It was public knowledge that Martha coped really well when her husband of 30 years left her for an older, fatter model named Gloria. Everyone told her so.

‘ You’re coping really well,’ said her sister, Ruth, ‘welcome to the singles club.’

‘ You’re coping really well,’ said her friend, Louise, ‘ life doesn’t end just because you haven’t got a man, does it, Dave?’

‘ You’re coping really well,’ said her son, Ed, ‘can I borrow £10, just until my student loan comes in? I can’t ask dad.’

Martha stirred her tea with a pencil and thought about the day Dan left, two weeks before.

‘Our relationsh­ip has gone stale, it’s different with Gloria,’ he had said, ‘she and I have so much in common.’

Martha had considered this for a minute. She knew Gloria from her Zumba class – it was that kind of neighbourh­ood. Everyone knew everyone else a little bit, but no one knew much about anyone.

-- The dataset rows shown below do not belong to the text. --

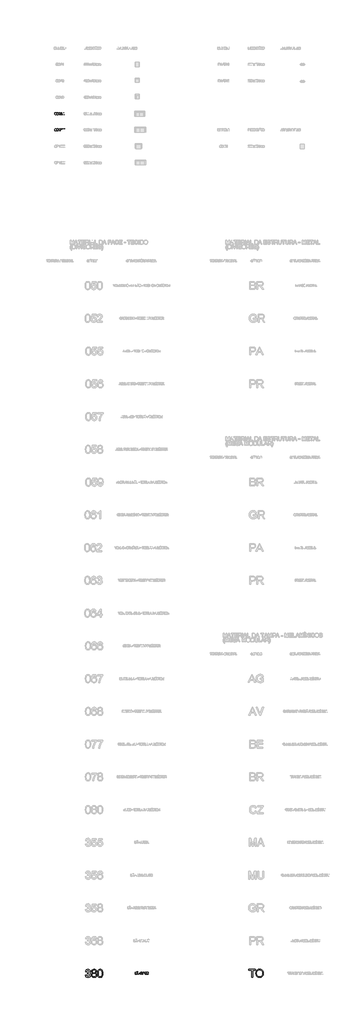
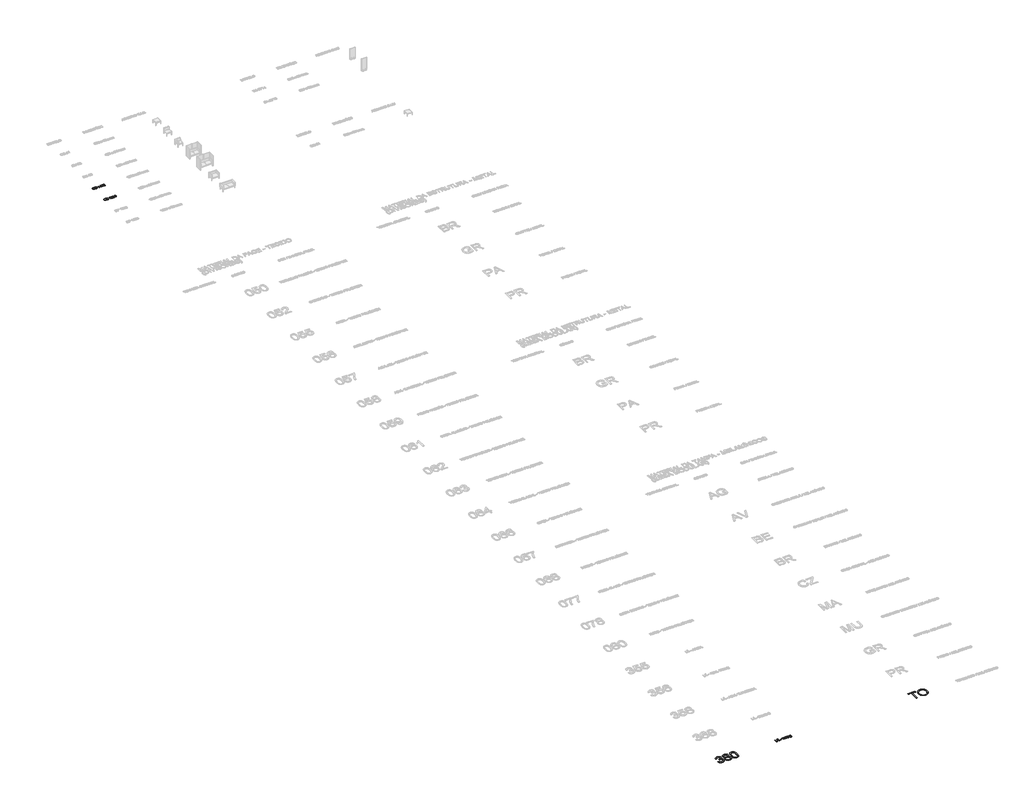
# One storey, part 24 of 67: 5 proxies.
"""IFC4 building model written with IfcOpenShell, lengths in millimetres."""

from ifc_helpers import new_model, si_unit, origin, origin_with_axes, place, context, project, spatial, polyline, outline, extrude, element, save

model = new_model("IFC4")

# Units and contexts
model_context = context("Model", 3, world=origin())
ifc_project = project(units=[si_unit("LENGTHUNIT", "METRE", prefix="MILLI")], contexts=[model_context])

# Site, building, storey
site = spatial("IfcSite", under=ifc_project)
building = spatial("IfcBuilding", under=site)
storey = spatial("IfcBuildingStorey", under=building, Name="Marelli - Linha COLAB - Planta Baixa", Elevation=0.0)

# Proxies
placement = place(None, origin())
element("IfcBuildingElementProxy", 1, Name="1200mm Arial", ObjectType="1200mm Arial", at=placement, inside=storey, context=model_context, shape_type="SweptSolid", body=[
    extrude(outline(polyline([(25176.7442257, -132988.8184403), (25176.7442257, -131934.0271837), (24781.1975045, -131934.0271837), (24781.1975045, -131783.3427185), (25722.9754121, -131783.3427185), (25722.9754121, -131934.0271837), (25327.4286909, -131934.0271837), (25327.4286909, -132988.8184403), (25176.7442257, -132988.8184403)])), origin_with_axes(), (0.0, 0.0, 1.0), 10.0),
    extrude(outline(polyline([(25835.9887611, -132401.9730816), (25838.4995557, -132329.2474096), (25846.0319395, -132260.5776367), (25858.5859126, -132195.9637628), (25876.1614749, -132135.4057879), (25898.7586265, -132078.9037119), (25926.3773673, -132026.457535), (25959.0176973, -131978.067257), (25996.6796166, -131933.7328781), (26038.3100628, -131894.0706005), (26082.8559739, -131859.6966266), (26130.3173498, -131830.6109563), (26180.6941905, -131806.8135898), (26233.9864961, -131788.3045269), (26290.1942664, -131775.0837677), (26349.3175016, -131767.1513122), (26411.3562015, -131764.5071603), (26492.4557874, -131769.4735673), (26569.471883, -131784.3727881), (26642.4044886, -131809.2048227), (26711.253604, -131843.9696713), (26774.0878488, -131887.61887), (26828.9758424, -131939.1039552), (26875.917585, -131998.424927), (26914.9130765, -132065.5817852), (26945.5576467, -132139.0478196), (26967.4466254, -132217.29632), (26980.5800127, -132300.3272863), (26984.9578084, -132388.1407185), (26980.3500864, -132477.1129791), (26966.5269204, -132561.2659855), (26943.4883105, -132640.5997377), (26911.2342566, -132715.1142359), (26870.5281138, -132782.8413112), (26822.1332373, -132841.812795), (26766.0496272, -132892.0286873), (26702.2772833, -132933.4889882), (26633.3270004, -132965.9361802), (26561.7095729, -132989.1127459), (26487.4250011, -133003.0186853), (26410.4732847, -133007.6539984), (26327.9573532, -133002.5312416), (26249.929582, -132987.1629713), (26176.3899712, -132961.5491874), (26107.3385207, -132925.6898899), (26044.5778523, -132880.9738334), (25989.9105878, -132828.7897724), (25943.3367273, -132769.1377068), (25904.8562706, -132702.0176368), (25874.7267352, -132630.1242979), (25853.2056384, -132556.1524257), (25840.2929804, -132480.1020203), (25835.9887611, -132401.9730816)]), holes=[polyline([(25986.6732263, -132403.4446095), (25988.5563222, -132454.7963375), (25994.2056101, -132503.3429653), (26003.62109, -132549.0844929), (26016.8027617, -132592.0209203), (26033.7506254, -132632.1522474), (26054.4646809, -132669.4784744), (26078.9449285, -132703.9996011), (26107.1913679, -132735.7156276), (26138.2796958, -132764.1345117), (26171.2856085, -132788.7642113), (26206.2091062, -132809.6047263), (26243.0501887, -132826.6560568), (26281.8088562, -132839.9182027), (26322.4851085, -132849.3911641), (26365.0789458, -132855.0749409), (26409.5903679, -132856.9695332), (26454.915729, -132855.0565468), (26498.1855494, -132849.3175877), (26539.3998292, -132839.7526558), (26578.5585683, -132826.3617512), (26615.6617668, -132809.1448738), (26650.7094246, -132788.1020237), (26683.7015418, -132763.2332008), (26714.6381183, -132734.5384052), (26742.6776242, -132702.325738), (26766.9785292, -132666.9033004), (26787.5408335, -132628.2710924), (26804.364537, -132586.4291139), (26817.4496397, -132541.3773651), (26826.7961416, -132493.1158459), (26832.4040428, -132441.6445562), (26834.2733432, -132386.9634962), (26831.0727698, -132318.0040162), (26821.4710497, -132253.5694847), (26805.468183, -132193.6599018), (26783.0641694, -132138.2752674), (26754.5073296, -132088.1421485), (26720.0459837, -132043.9871121), (26679.6801317, -132005.810158), (26633.4097738, -131973.6112864), (26582.6696496, -131948.0526848), (26528.894499, -131929.7965408), (26472.0843219, -131918.8428543), (26412.2391183, -131915.1916255), (26369.4406467, -131916.9505613), (26328.1596883, -131922.2273687), (26288.3962432, -131931.0220476), (26250.1503112, -131943.3345982), (26213.4218925, -131959.1650203), (26178.2109871, -131978.513314), (26144.5175948, -132001.3794792), (26112.3417158, -132027.7635161), (26082.8881636, -132058.2586342), (26057.3617517, -132093.4580434), (26035.76248, -132133.3617435), (26018.0903487, -132177.9697347), (26004.3453576, -132227.2820169), (25994.5275069, -132281.2985901), (25988.6367964, -132340.0194543), (25986.6732263, -132403.4446095)])]), origin_with_axes(), (0.0, 0.0, 1.0), 10.0),
])
element("IfcBuildingElementProxy", 2, Name="1200mm Arial", ObjectType="1200mm Arial", at=placement, inside=storey, context=model_context, shape_type="SweptSolid", body=[
    extrude(outline(polyline([(-181.1313792, -132668.6139517), (-30.446914, -132649.7783935), (-15.5384961, -132700.9691731), (3.287865, -132744.4712191), (26.0321693, -132780.2845313), (52.6944169, -132808.4091098), (83.8816131, -132829.6542951), (120.200763, -132844.8294274), (161.6518669, -132853.9345067), (208.2349245, -132856.9695332), (262.8286126, -132852.7940725), (311.5361887, -132840.2676906), (354.357653, -132819.3903874), (391.2930053, -132790.1621629), (421.0362646, -132754.7719149), (442.2814498, -132715.4085415), (455.028561, -132672.0720424), (459.277598, -132624.7624178), (455.0653492, -132579.7060705), (442.4286026, -132538.7148192), (421.3673584, -132501.7886639), (391.8816165, -132468.9276047), (355.9027574, -132441.9526574), (315.3621615, -132422.6848379), (270.2598289, -132411.1241462), (220.5957595, -132407.2705823), (172.9918294, -132411.3908606), (114.9400505, -132423.7516957), (131.7154695, -132273.0672304), (155.8485284, -132274.833064), (202.1832657, -132272.1291314), (246.12677, -132264.0173334), (287.6790413, -132250.49767), (326.8400797, -132231.5701414), (360.0598239, -132207.0324123), (383.7882126, -132176.6821477), (398.0252458, -132140.5193476), (402.7709235, -132098.5440119), (399.3312269, -132064.4689421), (389.0121369, -132033.465687), (371.8136536, -132005.5342465), (347.7357771, -131980.6746207), (318.231641, -131960.266367), (284.7543795, -131945.6890429), (247.3039924, -131936.9426485), (205.8804797, -131934.0271837), (164.5673317, -131936.9702397), (126.8594272, -131945.7994075), (92.7567662, -131960.5146873), (62.2593488, -131981.1160791), (36.121333, -132007.6035827), (15.096877, -132039.9771983), (-0.8140193, -132078.2369258), (-11.6113558, -132122.3827652), (-162.2958211, -132103.5472071), (-144.4351502, -132031.6078829), (-117.9292524, -131968.2402092), (-82.7781278, -131913.4441861), (-38.9817763, -131867.2198134), (12.0802447, -131830.5235844), (69.0283775, -131804.3119922), (131.8626223, -131788.5850369), (200.582979, -131783.3427185), (248.9134761, -131785.9270895), (295.3125927, -131793.6802025), (339.7803289, -131806.6020576), (382.3166846, -131824.6926547), (421.4409348, -131847.2622151), (455.6723544, -131873.6209601), (485.0109436, -131903.7688896), (509.4567021, -131937.7060036), (528.7061275, -131974.0803359), (542.4557171, -132011.5399201), (550.7054709, -132050.0847561), (553.4553888, -132089.7148441), (550.8434266, -132126.9812902), (543.0075401, -132162.5554791), (529.9477293, -132196.4374109), (511.6639941, -132228.6270854), (488.2666992, -132258.3703447), (459.8662092, -132284.9130307), (426.462524, -132308.2551433), (388.0556437, -132328.3966825), (438.2715361, -132344.1052437), (482.3805873, -132366.5092572), (520.3827974, -132395.608723), (552.2781664, -132431.4036412), (577.5148712, -132473.0110948), (595.541089, -132519.5481672), (606.3568197, -132571.0148583), (609.9620632, -132627.4111682), (608.1594414, -132666.3882656), (602.7515761, -132703.8570468), (593.7384672, -132739.8175118), (581.1201148, -132774.2696607), (564.8965188, -132807.2134933), (545.0676793, -132838.6490098), (521.6335962, -132868.5762101), (494.5942695, -132896.9950943), (464.8004265, -132922.9307749), (433.102794, -132945.4083648), (399.5013723, -132964.427864), (363.9961612, -132979.9892724), (326.5871609, -132992.09259), (287.2743712, -133000.7378169), (246.0577921, -133005.924953), (202.9374238, -133007.6539984), (126.7122744, -133001.7494924), (91.1380854, -132994.3688599), (57.2561537, -132984.0359743), (25.0664791, -132970.7508358), (-5.4309383, -132954.5134442), (-34.2360985, -132935.3237996), (-61.3490016, -132913.1819021), (-86.2040289, -132888.6947568), (-108.2355619, -132862.469369), (-127.4436005, -132834.5057389), (-143.8281449, -132804.8038663), (-157.3891949, -132773.3637513), (-168.1267507, -132740.1853938), (-181.1313792, -132668.6139517)])), origin_with_axes(), (0.0, 0.0, 1.0), 10.0),
    extrude(outline(polyline([(961.362945, -132324.8650154), (918.0172489, -132306.7652212), (880.6864235, -132285.1337599), (849.3704686, -132259.9706314), (824.0693844, -132231.2758358), (804.5624416, -132199.3252845), (790.6289111, -132164.3948891), (782.2687927, -132126.4846495), (779.4820866, -132085.5945657), (785.5521395, -132024.1398784), (793.1397057, -131995.3301197), (803.7622983, -131967.7987509), (817.4199174, -131941.545772), (834.1125629, -131916.571183), (876.6029333, -131870.4571749), (901.890222, -131850.0397242), (929.1916645, -131832.3446002), (958.507261, -131817.371803), (989.8370114, -131805.1213326), (1058.538974, -131788.787372), (1135.2975523, -131783.3427185), (1212.4240126, -131788.9161307), (1281.64101, -131805.6363674), (1313.2834601, -131818.1765449), (1342.9485445, -131833.5034285), (1370.6362632, -131851.6170182), (1396.3466161, -131872.5173141), (1439.6095387, -131919.5326331), (1456.6056869, -131944.8613085), (1470.5116263, -131971.4039944), (1481.327357, -131999.1606909), (1489.0528789, -132028.1313981), (1493.688192, -132058.3161158), (1495.2332964, -132089.7148441), (1492.4833785, -132129.160991), (1484.2336248, -132165.9767817), (1470.4840352, -132200.1622161), (1451.2346098, -132231.7172942), (1426.3933781, -132260.2189518), (1395.8683695, -132285.2441245), (1359.6595841, -132306.7928124), (1317.7670219, -132324.8650154), (1367.2931355, -132345.9354566), (1410.5100729, -132372.6528865), (1447.4178341, -132405.0173051), (1478.016419, -132443.0287122), (1502.0299163, -132485.8409794), (1519.1824143, -132532.607978), (1529.4739131, -132583.3297081), (1532.9044127, -132638.0061697), (1531.2029585, -132676.3670647), (1526.0985958, -132713.1644613), (1517.5913247, -132748.3983594), (1505.6811451, -132782.068759), (1490.368057, -132814.1756601), (1471.6520605, -132844.7190628), (1449.5331556, -132873.6989669), (1424.0113422, -132901.1153726), (1395.7120197, -132926.085363), (1365.2605875, -132947.7260214), (1332.6570457, -132966.0373477), (1297.9013942, -132981.019342), (1260.993633, -132992.6720042), (1221.9337622, -133000.9953343), (1180.7217817, -133005.9893324), (1137.3576915, -133007.6539984), (1093.9936013, -133005.9824346), (1052.7816208, -133000.9677432), (1013.72175, -132992.6099241), (976.8139888, -132980.9089774), (942.0583373, -132965.864903), (909.4547955, -132947.4777011), (879.0033633, -132925.7473715), (850.7040409, -132900.6739142), (825.1822275, -132873.1034579), (803.0633225, -132843.8821312), (784.347326, -132813.009934), (769.0342379, -132780.4868664), (757.1240583, -132746.3129283), (748.6167872, -132710.4881198), (743.5124245, -132673.0124408), (741.8109703, -132633.8858913), (745.3794256, -132576.7170293), (756.0847917, -132524.4042096), (773.9270685, -132476.9474322), (798.9062559, -132434.3466971), (830.4705311, -132397.3745566), (868.068071, -132366.8035628), (911.6988757, -132342.6337157), (961.362945, -132324.8650154)]), holes=[polyline([(930.1665518, -132090.0091496), (933.5050809, -132124.553269), (943.5206683, -132155.7864504), (960.2133138, -132183.7086938), (983.5830175, -132208.3199993), (1013.3354739, -132228.4063562), (1049.1763773, -132242.753754), (1091.1057277, -132251.3621927), (1139.1235251, -132254.2316723), (1185.9549031, -132251.3805868), (1226.9737455, -132242.8273304), (1262.1800525, -132228.5719031), (1291.5738239, -132208.6143049), (1314.7503896, -132184.5180342), (1331.3050794, -132157.8465896), (1341.2378932, -132128.5999709), (1344.5488312, -132096.7781784), (1341.1275286, -132063.714784), (1330.863621, -132033.3921106), (1313.7571082, -132005.810158), (1289.8079903, -131980.9689263), (1259.7520313, -131960.4319139), (1224.3249952, -131945.7626193), (1183.5268819, -131936.9610426), (1137.3576915, -131934.0271837), (1090.8298162, -131936.8966633), (1049.8385649, -131945.5051019), (1014.3839376, -131959.8524998), (984.4659343, -131979.9388567), (960.7099545, -132004.0351274), (943.7413974, -132030.4122664), (933.5602632, -132059.0702739), (930.1665518, -132090.0091496)]), polyline([(892.4954355, -132628.5883906), (894.068131, -132657.6418712), (898.7862176, -132686.2354992), (917.658564, -132742.0431979), (932.6589523, -132767.9328933), (952.4969889, -132790.7139859), (977.1726738, -132810.3864756), (1006.6860068, -132826.9503624), (1038.8756814, -132840.0837496), (1071.5803908, -132849.4647405), (1104.8001349, -132855.093335), (1138.5349139, -132856.9695332), (1193.0182374, -132853.0239988), (1241.1004141, -132841.1873956), (1282.7814442, -132821.4597236), (1318.0613275, -132793.8409828), (1346.1307238, -132760.133795), (1366.1802925, -132722.140782), (1378.2100338, -132679.8619437), (1382.2199475, -132633.2972801), (1378.0812751, -132585.9876555), (1365.6652577, -132542.9454621), (1344.9718955, -132504.1706998), (1316.0011884, -132469.6633687), (1279.7648118, -132441.336455), (1237.2744414, -132421.1029453), (1188.530077, -132408.9628395), (1133.5317188, -132404.9161375), (1079.8485386, -132408.9076572), (1032.4009583, -132420.8822161), (991.1889778, -132440.8398143), (956.2125971, -132468.7804519), (928.3363389, -132502.7175659), (908.4247259, -132540.6645937), (896.4777581, -132582.6215353), (892.4954355, -132628.5883906)])]), origin_with_axes(), (0.0, 0.0, 1.0), 10.0),
    extrude(outline(polyline([(1664.7533198, -132395.792664), (1667.5216318, -132294.4319773), (1675.8265679, -132202.8385576), (1689.6681279, -132121.0124048), (1709.046312, -132048.953519), (1733.8783467, -131986.073289), (1764.0814585, -131931.7831035), (1799.6556474, -131886.0829627), (1840.6009135, -131848.9728664), (1887.0552124, -131820.2596767), (1939.1565, -131799.7502555), (1996.9047762, -131787.4446027), (2060.300041, -131783.3427185), (2107.9407594, -131785.7707396), (2153.1534566, -131793.0548031), (2195.9381326, -131805.194909), (2236.2947875, -131822.1910572), (2273.2485339, -131843.7581391), (2305.8244846, -131869.6110463), (2334.0226395, -131899.7497788), (2357.8429987, -131934.1743365), (2378.4811786, -131972.7467637), (2397.1327958, -132015.3291046), (2428.4763418, -132112.5235278), (2440.4509007, -132169.6831928), (2449.0041571, -132235.9479371), (2454.1361109, -132311.3177609), (2455.8467622, -132395.792664), (2453.1060414, -132496.5095573), (2444.8838788, -132587.6431245), (2431.1802744, -132669.1933658), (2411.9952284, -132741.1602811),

‘She collects ornamental spoons,’ Martha said, rememberin­g a short conversati­on after class,

‘is that the something you have in common?’

Dan looked embarrasse­d. ‘There’s stuff you wouldn’t understand,’ he said.

‘Oh, I understand teaspoons,’ Martha said, not realising until later that this would be the last sentence of their relationsh­ip.

Martha thought about this as she sucked the tea off her pencil, before putting it back in her desk-tidy. Later that night, after several more people had rung to tell her how well she was coping and how brave she was, Martha collected up every teaspoon in the house. On impulse, she placed one in Dan’s suitcase when he came to collect some clothes the next day. She left another under Ed’s pillow, and then Martha gathered momentum. She took spoons

She longed to leave behind her private spooning

to all of her friends’ houses and left them – under rugs, on mantelpiec­es and under sofa cushions. She didn’t have to listen while her friends told her how well she was coping because she was too busy thinking of where and how she could best conceal a spoon. She remembered her mother using the word spooning for 1940s snogging and, she thought, the word described her new private passion very well.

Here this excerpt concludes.